+++ AVAILABLE DATA
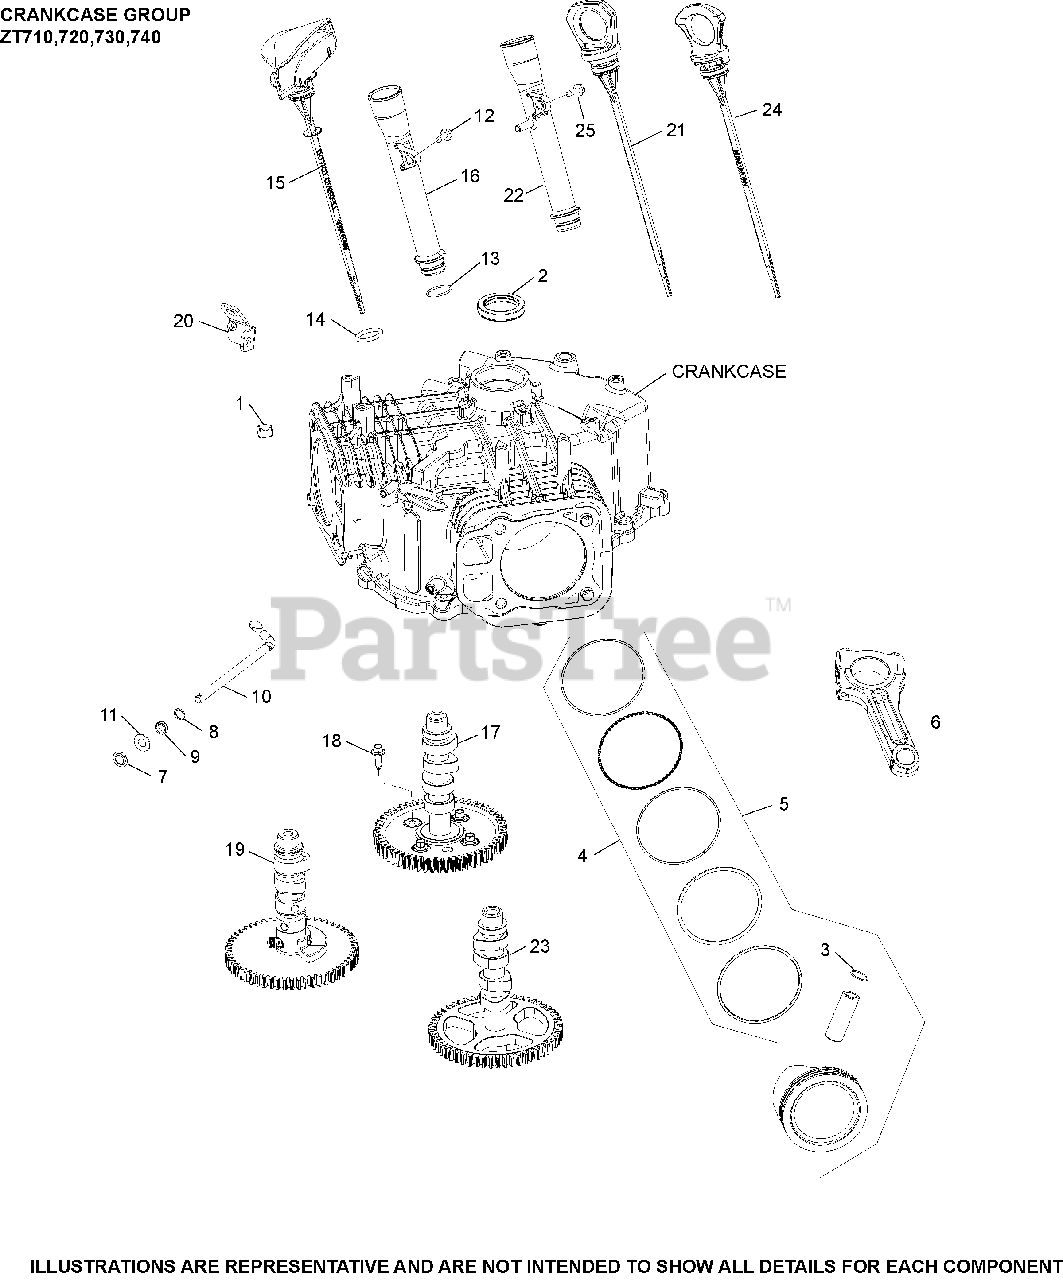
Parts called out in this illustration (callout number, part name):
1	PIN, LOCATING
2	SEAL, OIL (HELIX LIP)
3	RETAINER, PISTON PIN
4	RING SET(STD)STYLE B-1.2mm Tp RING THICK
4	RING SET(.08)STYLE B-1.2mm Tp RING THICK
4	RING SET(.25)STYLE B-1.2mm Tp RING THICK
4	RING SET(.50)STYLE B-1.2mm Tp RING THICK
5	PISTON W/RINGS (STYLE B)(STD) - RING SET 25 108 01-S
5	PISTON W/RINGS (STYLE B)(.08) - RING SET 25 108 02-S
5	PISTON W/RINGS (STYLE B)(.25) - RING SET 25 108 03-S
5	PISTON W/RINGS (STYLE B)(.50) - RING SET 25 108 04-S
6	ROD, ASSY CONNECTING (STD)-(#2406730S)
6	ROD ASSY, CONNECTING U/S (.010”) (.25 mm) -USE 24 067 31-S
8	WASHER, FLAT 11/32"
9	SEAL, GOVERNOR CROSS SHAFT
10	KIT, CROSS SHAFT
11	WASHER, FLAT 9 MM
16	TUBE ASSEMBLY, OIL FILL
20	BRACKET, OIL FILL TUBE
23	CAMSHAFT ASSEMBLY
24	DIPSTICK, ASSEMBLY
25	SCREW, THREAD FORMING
++++++
■ ASSIGNMENT: Retype the entries above word for word, minus any images.

■ RESPONSE TO THIS EXERCISE:
Parts called out in this illustration (callout number, part name):
1	PIN, LOCATING
2	SEAL, OIL (HELIX LIP)
3	RETAINER, PISTON PIN
4	RING SET(STD)STYLE B-1.2mm Tp RING THICK
4	RING SET(.08)STYLE B-1.2mm Tp RING THICK
4	RING SET(.25)STYLE B-1.2mm Tp RING THICK
4	RING SET(.50)STYLE B-1.2mm Tp RING THICK
5	PISTON W/RINGS (STYLE B)(STD) - RING SET 25 108 01-S
5	PISTON W/RINGS (STYLE B)(.08) - RING SET 25 108 02-S
5	PISTON W/RINGS (STYLE B)(.25) - RING SET 25 108 03-S
5	PISTON W/RINGS (STYLE B)(.50) - RING SET 25 108 04-S
6	ROD, ASSY CONNECTING (STD)-(#2406730S)
6	ROD ASSY, CONNECTING U/S (.010”) (.25 mm) -USE 24 067 31-S
8	WASHER, FLAT 11/32"
9	SEAL, GOVERNOR CROSS SHAFT
10	KIT, CROSS SHAFT
11	WASHER, FLAT 9 MM
16	TUBE ASSEMBLY, OIL FILL
20	BRACKET, OIL FILL TUBE
23	CAMSHAFT ASSEMBLY
24	DIPSTICK, ASSEMBLY
25	SCREW, THREAD FORMING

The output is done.